Top of DATA FOR THIS TASK
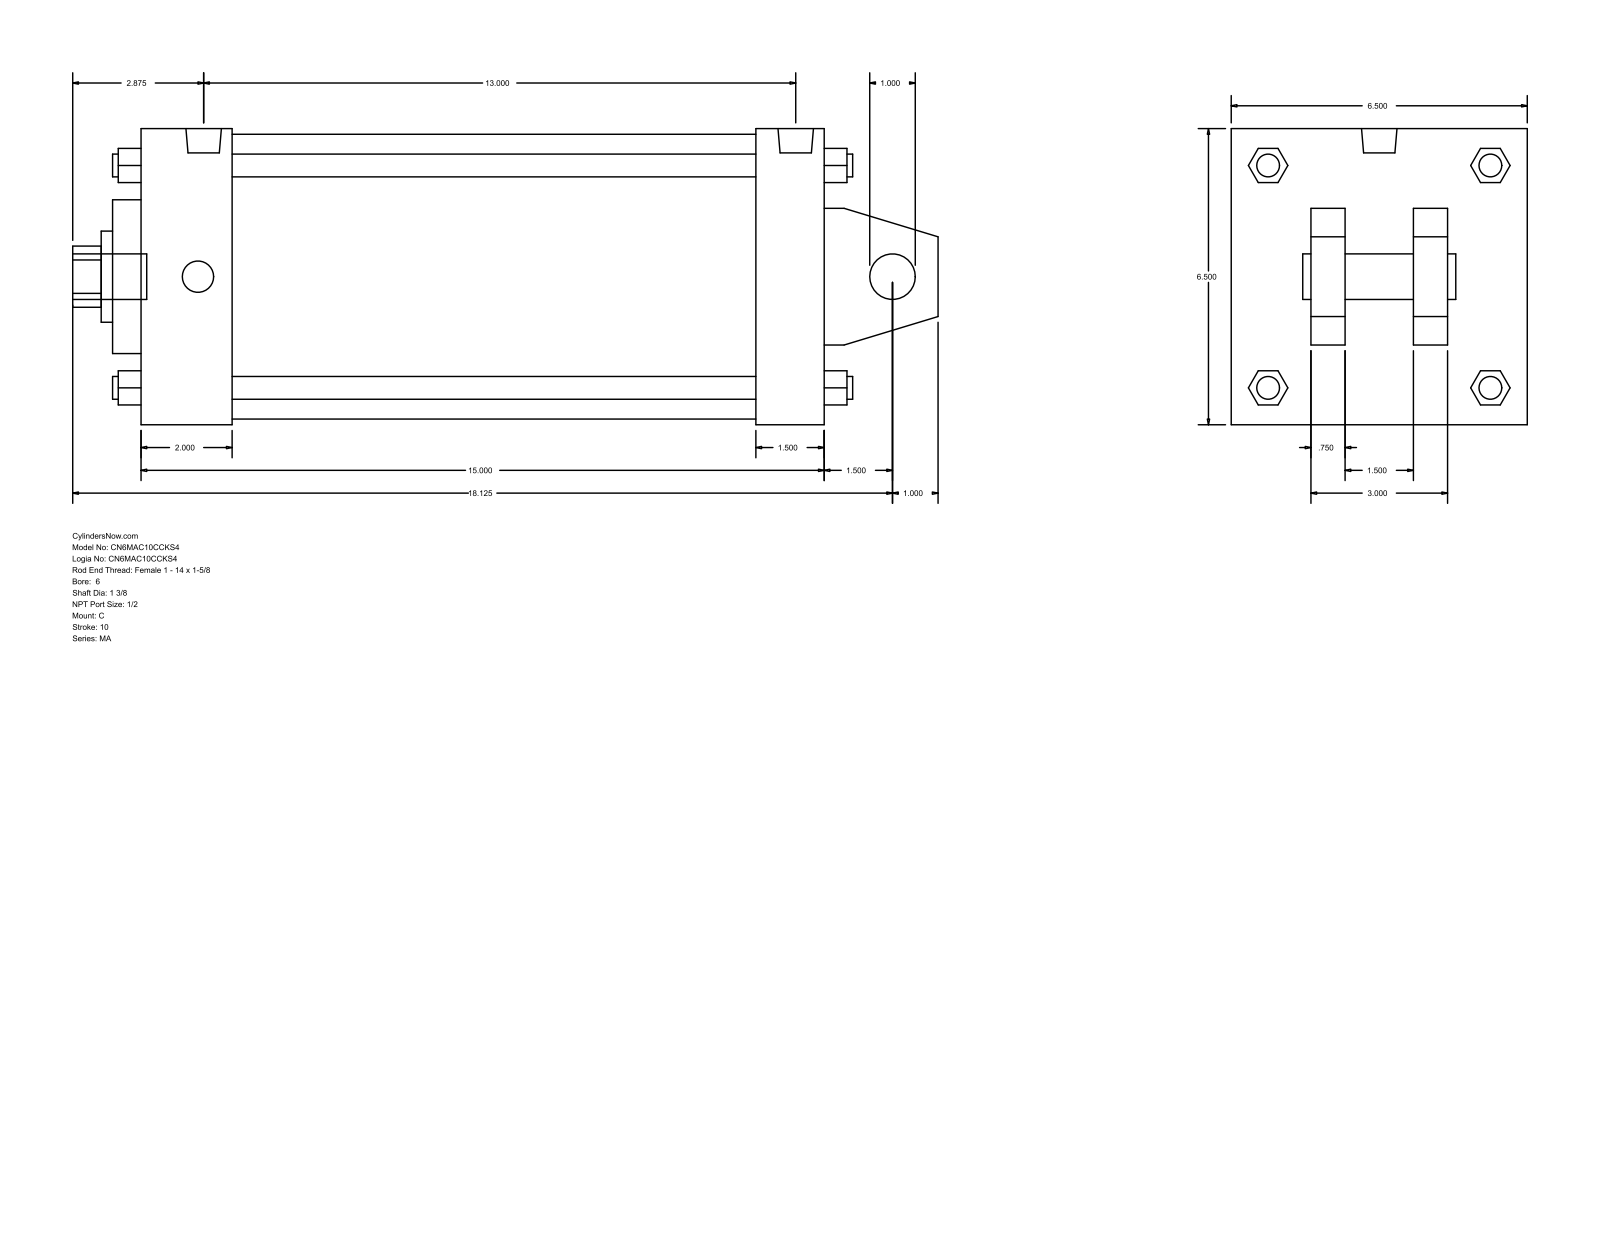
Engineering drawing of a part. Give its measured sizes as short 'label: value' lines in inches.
name: MA_C__0600_1.375
written by: GSSL Pune (CONFIG_CONTROL_DESIGN)
unit: in
bodies: 0 solids, 141 faces (109 planar, 32 cylindrical, 0 other)
size: 19 × 6.5 × 6.5
holes: 1× ⌀1, 1× ⌀1.375, 1× ⌀2, 1× ⌀3.375, 1× ⌀6.25
bosses: 4× ⌀0.687, 4× ⌀0.5, 2× ⌀0.778, 1× ⌀1
rounds: 1× R0.672
face distances: 6.5, 15, 1.5, 0.75, 2.5, 4, 2, 1.75, 4.75, 13.5
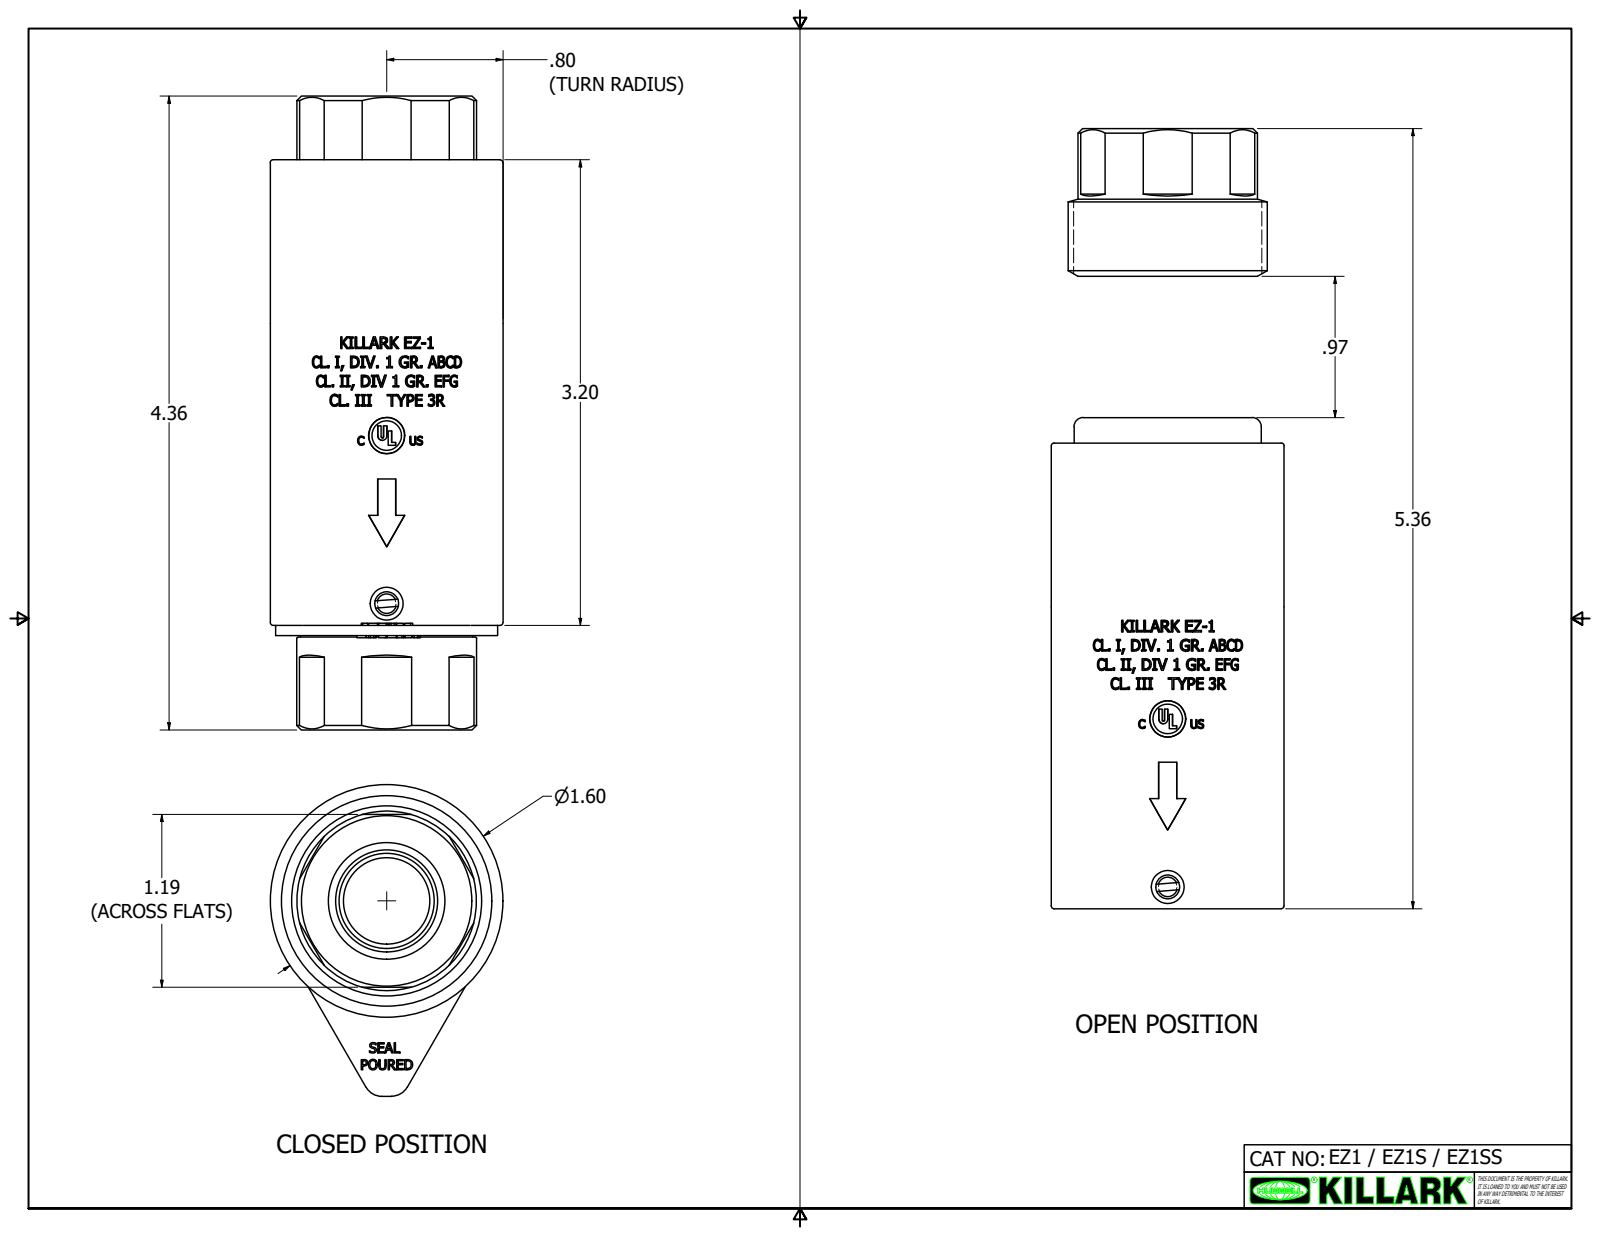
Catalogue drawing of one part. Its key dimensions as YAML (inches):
Bottom of DATA FOR THIS TASK
EXERCISE PROMPT: Quote the records above exactly, leaving out any pictures.

SOLUTION TO THE PROBLEM:
Engineering drawing of a part. Give its measured sizes as short 'label: value' lines in inches.
name: MA_C__0600_1.375
written by: GSSL Pune (CONFIG_CONTROL_DESIGN)
unit: in
bodies: 0 solids, 141 faces (109 planar, 32 cylindrical, 0 other)
size: 19 × 6.5 × 6.5
holes: 1× ⌀1, 1× ⌀1.375, 1× ⌀2, 1× ⌀3.375, 1× ⌀6.25
bosses: 4× ⌀0.687, 4× ⌀0.5, 2× ⌀0.778, 1× ⌀1
rounds: 1× R0.672
face distances: 6.5, 15, 1.5, 0.75, 2.5, 4, 2, 1.75, 4.75, 13.5
Catalogue drawing of one part. Its key dimensions as YAML (inches):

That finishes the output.